Cave of Bones…Homo naledi…book review

the byways of evolution…

 

 

Book review:

Cave of Bones

 

by Lee Berger and John Hawks

Washington, D.C.: National Geographic, 2023

235 pages

 

We haven’t been alone since forever, more or less.

It’s way too easy to adopt the common misunderstanding that humans are soooo exceptional, uniquely better than all the other animals.

The emphasis is on “unique,” at the apex of a singular progression throughout all of our history.

It ain’t necessarily so.

Cave of Bones is full of countervailing evidence: Homo naledi in south Africa were building fires, burying their dead, and scratching lines on cave walls at about the same time—200,000 to 300,000 years ago—as early members of Homo sapiens were doing the same things.

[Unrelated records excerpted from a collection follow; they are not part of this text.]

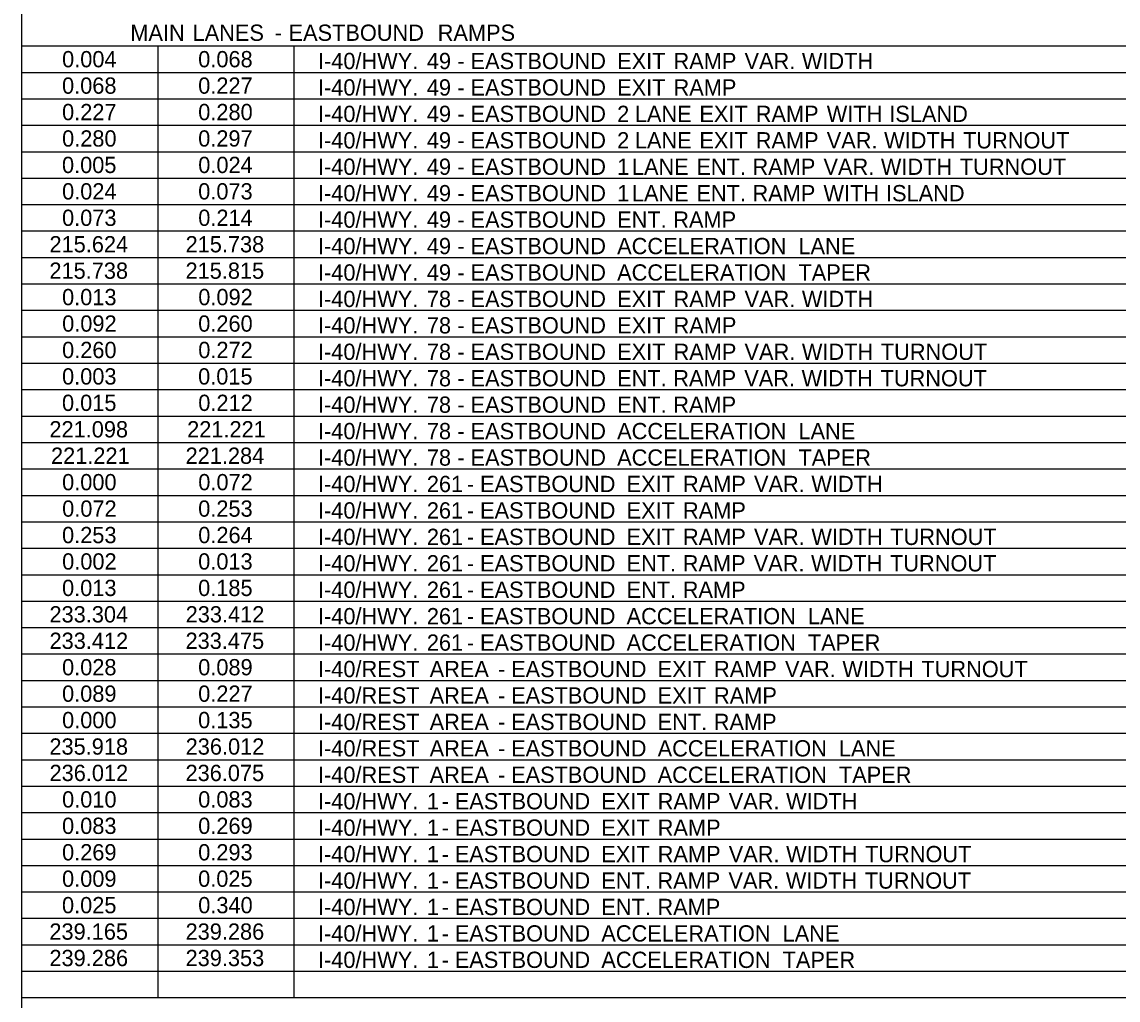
# Model space of a CAD drawing. Extents: x 2261867 to 2275370, y -3124789 to -3122260.
# Drawn here: x 2269400.2 to 2269764, y -3124553.2 to -3124228.5 of the extents above; entities that cross this region are included whole.
import ezdxf

# ---------------------------------------------------------------- set-up
doc = ezdxf.new("R2010")
doc.units = 0
doc.layers.add('Default', color=7, linetype='Continuous')

msp = doc.modelspace()

# ---------------------------------------------------------------- linework, layer by layer
at = {"layer": 'Default'}
for p, q in [((2269400.16, -3124701.59), (2269400.16, -3123657.37)), ((2269400.16, -3124701.59), (2269400.16, -3123657.37)), ((2269400.16, -3124236.52), (2270414.11, -3124236.52)), ((2269445.35, -3124552.42), (2269445.35, -3124236.52)), ((2269490.54, -3124552.42), (2269490.54, -3124236.52)), ((2269490.54, -3124552.42), (2269490.54, -3124236.52)), ((2269400.16, -3124245.29), (2270414.11, -3124245.29)), ((2269445.35, -3124552.42), (2269445.35, -3124245.29)), ((2269400.16, -3124254.07), (2270414.11, -3124254.07)), ((2269400.16, -3124262.84), (2270414.11, -3124262.84)), ((2269400.16, -3124271.62), (2270414.11, -3124271.62)), ((2269400.16, -3124280.39), (2270414.11, -3124280.39)), ((2269400.16, -3124289.17), (2270414.11, -3124289.17)), ((2269400.16, -3124297.94), (2270414.11, -3124297.94)), ((2269400.16, -3124306.72), (2270414.11, -3124306.72)), ((2269400.16, -3124315.49), (2270414.11, -3124315.49)), ((2269400.16, -3124324.27), (2270414.11, -3124324.27)), ((2269400.16, -3124333.04), (2270414.11, -3124333.04)), ((2269400.16, -3124341.82), (2270414.11, -3124341.82)), ((2269400.16, -3124350.59), (2270414.11, -3124350.59)), ((2269400.16, -3124359.37), (2270414.11, -3124359.37)), ((2269400.16, -3124368.14), (2270414.11, -3124368.14)), ((2269400.16, -3124376.92), (2270414.11, -3124376.92)), ((2269400.16, -3124385.69), (2270414.11, -3124385.69)), ((2269400.16, -3124394.47), (2270414.11, -3124394.47)), ((2269400.16, -3124403.24), (2270414.11, -3124403.24)), ((2269400.16, -3124412.02), (2270414.11, -3124412.02)), ((2269400.16, -3124420.79), (2270414.11, -3124420.79)), ((2269400.16, -3124429.57), (2270414.11, -3124429.57)), ((2269400.16, -3124438.34), (2270414.11, -3124438.34)), ((2269400.16, -3124447.12), (2270414.11, -3124447.12)), ((2269400.16, -3124455.89), (2270414.11, -3124455.89)), ((2269400.16, -3124464.67), (2270414.11, -3124464.67)), ((2269400.16, -3124473.44), (2270414.11, -3124473.44)), ((2269400.16, -3124482.22), (2270414.11, -3124482.22)), ((2269400.16, -3124490.99), (2270414.11, -3124490.99)), ((2269400.16, -3124499.77), (2270414.11, -3124499.77)), ((2269400.16, -3124508.54), (2270414.11, -3124508.54)), ((2269400.16, -3124517.32), (2270414.11, -3124517.32)), ((2269400.16, -3124526.09), (2270414.11, -3124526.09)), ((2269400.16, -3124534.87), (2270414.11, -3124534.87)), ((2269400.16, -3124543.64), (2270414.11, -3124543.64)), ((2269400.16, -3124552.42), (2270414.11, -3124552.42)), ((2269400.16, -3124552.42), (2270414.11, -3124552.42))]:
    msp.add_line(p, q, dxfattribs=at)

# ---------------------------------------------------------------- texts
for s, p in [('MAIN', (2269436.14, -3124234.83)), (' LANES', (2269454.81, -3124234.83)), (' EASTBOUND', (2269486.67, -3124234.83)), (' RAMPS', (2269536.18, -3124234.83)), (' -', (2269482.11, -3124234.83)), ('0.004', (2269413.5, -3124243.61)), ('0.068', (2269458.68, -3124243.61)), ('I-40/HWY.', (2269498.44, -3124244.21)), (' 49', (2269532.57, -3124244.21)), (' EASTBOUND', (2269547.09, -3124244.21)), (' EXIT', (2269595.74, -3124244.21)), (' RAMP', (2269614.46, -3124244.21)), (' VAR.', (2269638.03, -3124244.21)), (' WIDTH', (2269657.07, -3124244.21)), (' -', (2269542.72, -3124244.21)), ('0.068', (2269413.49, -3124252.38)), ('0.227', (2269458.68, -3124252.38)), ('I-40/HWY.', (2269498.44, -3124252.99)), (' 49', (2269532.57, -3124252.99)), (' EASTBOUND', (2269547.09, -3124252.99)), (' EXIT', (2269595.74, -3124252.99)), (' RAMP', (2269614.46, -3124252.99)), (' -', (2269542.72, -3124252.99)), ('0.227', (2269413.49, -3124261.16)), ('0.280', (2269458.69, -3124261.16)), ('I-40/HWY.', (2269498.44, -3124261.76)), (' 49', (2269532.57, -3124261.76)), (' EASTBOUND', (2269547.09, -3124261.76)), (' 2', (2269595.74, -3124261.76)), (' LANE', (2269601.63, -3124261.76)), (' EXIT', (2269623.04, -3124261.76)), (' RAMP', (2269641.75, -3124261.76)), (' WITH', (2269665.32, -3124261.76)), (' ISLAND', (2269686.08, -3124261.76)), (' -', (2269542.72, -3124261.76)), ('0.280', (2269413.5, -3124269.93)), ('0.297', (2269458.68, -3124269.93)), ('I-40/HWY.', (2269498.44, -3124270.54)), (' 49', (2269532.57, -3124270.54)), (' -', (2269542.72, -3124270.54)), (' EASTBOUND', (2269547.09, -3124270.54)), (' 2', (2269595.74, -3124270.54)), (' LANE', (2269601.63, -3124270.54)), (' EXIT', (2269623.04, -3124270.54)), (' RAMP', (2269641.75, -3124270.54)), (' VAR.', (2269665.32, -3124270.54)), (' WIDTH', (2269684.37, -3124270.54)), (' TURNOUT', (2269710.58, -3124270.54)), ('0.005', (2269413.47, -3124278.71)), ('0.024', (2269458.7, -3124278.71)), ('I-40/HWY.', (2269498.44, -3124279.31)), (' 49', (2269532.57, -3124279.31)), (' EASTBOUND', (2269547.09, -3124279.31)), (' 1', (2269595.74, -3124279.31)), (' LANE', (2269600.65, -3124279.31)), (' ENT.', (2269622.05, -3124279.31)), (' RAMP', (2269640.67, -3124279.31)), (' VAR.', (2269664.24, -3124279.31)), (' WIDTH', (2269683.29, -3124279.31)), (' TURNOUT', (2269709.5, -3124279.31)), (' -', (2269542.72, -3124279.31)), ('0.024', (2269413.5, -3124287.48)), ('0.073', (2269458.68, -3124287.48)), ('I-40/HWY.', (2269498.44, -3124288.09)), (' 49', (2269532.57, -3124288.09)), (' EASTBOUND', (2269547.09, -3124288.09)), (' 1', (2269595.74, -3124288.09)), (' LANE', (2269600.65, -3124288.09)), (' ENT.', (2269622.05, -3124288.09)), (' RAMP', (2269640.67, -3124288.09)), (' WITH', (2269664.24, -3124288.09)), (' ISLAND', (2269685, -3124288.09)), (' -', (2269542.72, -3124288.09)), ('0.073', (2269413.49, -3124296.26)), ('0.214', (2269458.7, -3124296.26)), ('I-40/HWY.', (2269498.44, -3124296.86)), (' 49', (2269532.57, -3124296.86)), (' EASTBOUND', (2269547.09, -3124296.86)), (' ENT.', (2269595.74, -3124296.86)), (' RAMP', (2269614.37, -3124296.86)), (' -', (2269542.72, -3124296.86)), ('215.624', (2269409.31, -3124305.03)), ('215.738', (2269454.49, -3124305.03)), ('I-40/HWY.', (2269498.44, -3124305.64)), (' 49', (2269532.57, -3124305.64)), (' EASTBOUND', (2269547.09, -3124305.64)), (' ACCELERATION', (2269595.74, -3124305.64)), (' LANE', (2269655.92, -3124305.64)), (' -', (2269542.72, -3124305.64)), ('215.738', (2269409.29, -3124313.81)), ('215.815', (2269454.47, -3124313.81)), ('I-40/HWY.', (2269498.44, -3124314.41)), (' 49', (2269532.57, -3124314.41)), (' EASTBOUND', (2269547.09, -3124314.41)), (' ACCELERATION', (2269595.74, -3124314.41)), (' TAPER', (2269655.92, -3124314.41)), (' -', (2269542.72, -3124314.41)), ('0.013', (2269413.49, -3124322.58)), ('0.092', (2269458.71, -3124322.58)), ('I-40/HWY.', (2269498.44, -3124323.19)), (' 78', (2269532.57, -3124323.19)), (' EASTBOUND', (2269547.09, -3124323.19)), (' EXIT', (2269595.74, -3124323.19)), (' RAMP', (2269614.46, -3124323.19)), (' VAR.', (2269638.03, -3124323.19)), (' WIDTH', (2269657.07, -3124323.19)), (' -', (2269542.72, -3124323.19)), ('0.092', (2269413.52, -3124331.36)), ('0.260', (2269458.69, -3124331.36)), ('I-40/HWY.', (2269498.44, -3124331.96)), (' 78', (2269532.57, -3124331.96)), (' -', (2269542.72, -3124331.96)), (' EASTBOUND', (2269547.09, -3124331.96)), (' EXIT', (2269595.74, -3124331.96)), (' RAMP', (2269614.46, -3124331.96)), ('0.260', (2269413.5, -3124340.13)), ('0.272', (2269458.71, -3124340.13)), ('I-40/HWY.', (2269498.44, -3124340.74)), (' 78', (2269532.57, -3124340.74)), (' EASTBOUND', (2269547.09, -3124340.74)), (' EXIT', (2269595.74, -3124340.74)), (' RAMP', (2269614.46, -3124340.74)), (' VAR.', (2269638.03, -3124340.74)), (' WIDTH', (2269657.07, -3124340.74)), (' TURNOUT', (2269683.28, -3124340.74)), (' -', (2269542.72, -3124340.74)), ('0.003', (2269413.49, -3124348.91)), ('0.015', (2269458.66, -3124348.91)), ('I-40/HWY.', (2269498.44, -3124349.51)), (' 78', (2269532.57, -3124349.51)), (' EASTBOUND', (2269547.09, -3124349.51)), (' ENT.', (2269595.74, -3124349.51)), (' RAMP', (2269614.37, -3124349.51)), (' VAR.', (2269637.94, -3124349.51)), (' WIDTH', (2269656.98, -3124349.51)), (' TURNOUT', (2269683.19, -3124349.51)), (' -', (2269542.72, -3124349.51)), ('0.015', (2269413.47, -3124357.68)), ('0.212', (2269458.71, -3124357.68)), ('I-40/HWY.', (2269498.44, -3124358.29)), (' 78', (2269532.57, -3124358.29)), (' EASTBOUND', (2269547.09, -3124358.29)), (' ENT.', (2269595.74, -3124358.29)), (' RAMP', (2269614.37, -3124358.29)), (' -', (2269542.72, -3124358.29)), ('221.098', (2269409.29, -3124366.46)), ('221.221', (2269455.01, -3124366.46)), ('I-40/HWY.', (2269498.44, -3124367.06)), (' 78', (2269532.57, -3124367.06)), (' EASTBOUND', (2269547.09, -3124367.06)), (' ACCELERATION', (2269595.74, -3124367.06)), (' LANE', (2269655.92, -3124367.06)), (' -', (2269542.72, -3124367.06)), ('221.221', (2269409.82, -3124375.23)), ('221.284', (2269454.5, -3124375.23)), ('I-40/HWY.', (2269498.44, -3124375.84)), (' 78', (2269532.57, -3124375.84)), (' -', (2269542.72, -3124375.84)), (' EASTBOUND', (2269547.09, -3124375.84)), (' ACCELERATION', (2269595.74, -3124375.84)), (' TAPER', (2269655.92, -3124375.84)), ('0.000', (2269413.5, -3124384.01)), ('0.072', (2269458.71, -3124384.01)), ('I-40/HWY.', (2269498.44, -3124384.61)), (' 261', (2269532.57, -3124384.61)), (' EASTBOUND', (2269550.23, -3124384.61)), (' EXIT', (2269598.88, -3124384.61)), (' RAMP', (2269617.6, -3124384.61)), (' VAR.', (2269641.17, -3124384.61)), (' WIDTH', (2269660.22, -3124384.61)), (' -', (2269545.86, -3124384.61)), ('0.072', (2269413.52, -3124392.78)), ('0.253', (2269458.68, -3124392.78)), ('I-40/HWY.', (2269498.44, -3124393.39)), (' 261', (2269532.57, -3124393.39)), (' EASTBOUND', (2269550.23, -3124393.39)), (' EXIT', (2269598.88, -3124393.39)), (' RAMP', (2269617.6, -3124393.39)), (' -', (2269545.86, -3124393.39)), ('0.253', (2269413.49, -3124401.56)), ('0.264', (2269458.7, -3124401.56)), ('I-40/HWY.', (2269498.44, -3124402.16)), (' 261', (2269532.57, -3124402.16)), (' EASTBOUND', (2269550.23, -3124402.16)), (' EXIT', (2269598.88, -3124402.16)), (' RAMP', (2269617.6, -3124402.16)), (' VAR.', (2269641.17, -3124402.16)), (' WIDTH', (2269660.22, -3124402.16)), (' TURNOUT', (2269686.42, -3124402.16)), (' -', (2269545.86, -3124402.16)), ('0.002', (2269413.52, -3124410.33)), ('0.013', (2269458.68, -3124410.33)), ('I-40/HWY.', (2269498.44, -3124410.94)), (' 261', (2269532.57, -3124410.94)), (' EASTBOUND', (2269550.23, -3124410.94)), (' ENT.', (2269598.88, -3124410.94)), (' RAMP', (2269617.51, -3124410.94)), (' VAR.', (2269641.08, -3124410.94)), (' WIDTH', (2269660.12, -3124410.94)), (' TURNOUT', (2269686.33, -3124410.94)), (' -', (2269545.86, -3124410.94)), ('0.013', (2269413.49, -3124419.11)), ('0.185', (2269458.66, -3124419.11)), ('I-40/HWY.', (2269498.44, -3124419.71)), (' 261', (2269532.57, -3124419.71)), (' -', (2269545.86, -3124419.71)), (' EASTBOUND', (2269550.23, -3124419.71)), (' ENT.', (2269598.88, -3124419.71)), (' RAMP', (2269617.51, -3124419.71)), ('233.304', (2269409.31, -3124427.88)), ('233.412', (2269454.52, -3124427.88)), ('I-40/HWY.', (2269498.44, -3124428.49)), (' 261', (2269532.57, -3124428.49)), (' EASTBOUND', (2269550.23, -3124428.49)), (' ACCELERATION', (2269598.88, -3124428.49)), (' LANE', (2269659.06, -3124428.49)), (' -', (2269545.86, -3124428.49)), ('233.412', (2269409.33, -3124436.66)), ('233.475', (2269454.47, -3124436.66)), ('I-40/HWY.', (2269498.44, -3124437.26)), (' 261', (2269532.57, -3124437.26)), (' EASTBOUND', (2269550.23, -3124437.26)), (' ACCELERATION', (2269598.88, -3124437.26)), (' TAPER', (2269659.06, -3124437.26)), (' -', (2269545.86, -3124437.26)), ('0.028', (2269413.49, -3124445.43)), ('0.089', (2269458.68, -3124445.43)), ('I-40/REST', (2269498.44, -3124446.04)), (' AREA', (2269533.5, -3124446.04)), (' EASTBOUND', (2269560.53, -3124446.04)), (' EXIT', (2269609.19, -3124446.04)), (' RAMP', (2269627.9, -3124446.04)), (' VAR.', (2269651.47, -3124446.04)), (' WIDTH', (2269670.52, -3124446.04)), (' TURNOUT', (2269696.73, -3124446.04)), (' -', (2269556.16, -3124446.04)), ('0.089', (2269413.49, -3124454.21)), ('0.227', (2269458.68, -3124454.21)), ('I-40/REST', (2269498.44, -3124454.81)), (' AREA', (2269533.5, -3124454.81)), (' EASTBOUND', (2269560.53, -3124454.81)), (' EXIT', (2269609.19, -3124454.81)), (' RAMP', (2269627.9, -3124454.81)), (' -', (2269556.16, -3124454.81)), ('0.000', (2269413.5, -3124462.98)), ('0.135', (2269458.66, -3124462.98)), ('I-40/REST', (2269498.44, -3124463.59)), (' AREA', (2269533.5, -3124463.59)), (' EASTBOUND', (2269560.53, -3124463.59)), (' ENT.', (2269609.19, -3124463.59)), (' RAMP', (2269627.81, -3124463.59)), (' -', (2269556.16, -3124463.59)), ('235.918', (2269409.29, -3124471.76)), ('236.012', (2269454.52, -3124471.76)), ('I-40/REST', (2269498.44, -3124472.36)), (' AREA', (2269533.5, -3124472.36)), (' EASTBOUND', (2269560.53, -3124472.36)), (' ACCELERATION', (2269609.19, -3124472.36)), (' LANE', (2269669.36, -3124472.36)), (' -', (2269556.16, -3124472.36)), ('236.012', (2269409.33, -3124480.53)), ('236.075', (2269454.47, -3124480.53)), ('I-40/REST', (2269498.44, -3124481.14)), (' AREA', (2269533.5, -3124481.14)), (' -', (2269556.16, -3124481.14)), (' EASTBOUND', (2269560.53, -3124481.14)), (' ACCELERATION', (2269609.19, -3124481.14)), (' TAPER', (2269669.36, -3124481.14)), ('0.010', (2269413.5, -3124489.31)), ('0.083', (2269458.68, -3124489.31)), ('I-40/HWY.', (2269498.44, -3124489.91)), (' 1', (2269532.57, -3124489.91)), (' EASTBOUND', (2269541.84, -3124489.91)), (' EXIT', (2269590.5, -3124489.91)), (' RAMP', (2269609.21, -3124489.91)), (' VAR.', (2269632.78, -3124489.91)), (' WIDTH', (2269651.83, -3124489.91)), (' -', (2269537.47, -3124489.91)), ('0.083', (2269413.49, -3124498.08)), ('0.269', (2269458.68, -3124498.08)), ('I-40/HWY.', (2269498.44, -3124498.69)), (' 1', (2269532.57, -3124498.69)), (' EASTBOUND', (2269541.84, -3124498.69)), (' EXIT', (2269590.5, -3124498.69)), (' RAMP', (2269609.21, -3124498.69)), (' -', (2269537.47, -3124498.69)), ('0.269', (2269413.49, -3124506.86)), ('0.293', (2269458.68, -3124506.86)), ('I-40/HWY.', (2269498.44, -3124507.46)), (' 1', (2269532.57, -3124507.46)), (' EASTBOUND', (2269541.84, -3124507.46)), (' EXIT', (2269590.5, -3124507.46)), (' RAMP', (2269609.21, -3124507.46)), (' VAR.', (2269632.78, -3124507.46)), (' WIDTH', (2269651.83, -3124507.46)), (' TURNOUT', (2269678.04, -3124507.46)), (' -', (2269537.47, -3124507.46)), ('0.009', (2269413.49, -3124515.63)), ('0.025', (2269458.66, -3124515.63)), ('I-40/HWY.', (2269498.44, -3124516.24)), (' 1', (2269532.57, -3124516.24)), (' EASTBOUND', (2269541.84, -3124516.24)), (' ENT.', (2269590.5, -3124516.24)), (' RAMP', (2269609.12, -3124516.24)), (' VAR.', (2269632.69, -3124516.24)), (' WIDTH', (2269651.74, -3124516.24)), (' TURNOUT', (2269677.95, -3124516.24)), (' -', (2269537.47, -3124516.24)), ('0.025', (2269413.47, -3124524.41)), ('0.340', (2269458.69, -3124524.41)), ('I-40/HWY.', (2269498.44, -3124525.01)), (' 1', (2269532.57, -3124525.01)), (' -', (2269537.47, -3124525.01)), (' EASTBOUND', (2269541.84, -3124525.01)), (' ENT.', (2269590.5, -3124525.01)), (' RAMP', (2269609.12, -3124525.01)), ('239.165', (2269409.28, -3124533.18)), ('239.286', (2269454.49, -3124533.18)), ('I-40/HWY.', (2269498.44, -3124533.79)), (' 1', (2269532.57, -3124533.79)), (' EASTBOUND', (2269541.84, -3124533.79)), (' ACCELERATION', (2269590.5, -3124533.79)), (' LANE', (2269650.67, -3124533.79)), (' -', (2269537.47, -3124533.79)), ('239.286', (2269409.3, -3124541.96)), ('239.353', (2269454.49, -3124541.96)), ('I-40/HWY.', (2269498.44, -3124542.56)), (' 1', (2269532.57, -3124542.56)), (' EASTBOUND', (2269541.84, -3124542.56)), (' ACCELERATION', (2269590.5, -3124542.56)), (' TAPER', (2269650.67, -3124542.56)), (' -', (2269537.47, -3124542.56))]:
    msp.add_text(s, height=5.4, dxfattribs=at).set_placement(p)

doc.saveas('drawing.dxf')

Paleoanthropologist Lee Berger affirms that Homo naledi didn’t look like us, and were a separate species and “by almost any definition…not human.” Nevertheless, in the Rising Star cave system he and his team members found charcoal and armfuls of fossil bones and scratch marks and a rock shaped like a tool, all confirming that naledi left evidence of their human-like activities, and, yes, culture.

In his introduction, Berger confides a sobering reality: “We explore the places where things have died.” I’m glad I didn’t do that in my career work.

Read Cave of Bones cover to cover. Learn some interesting stuff.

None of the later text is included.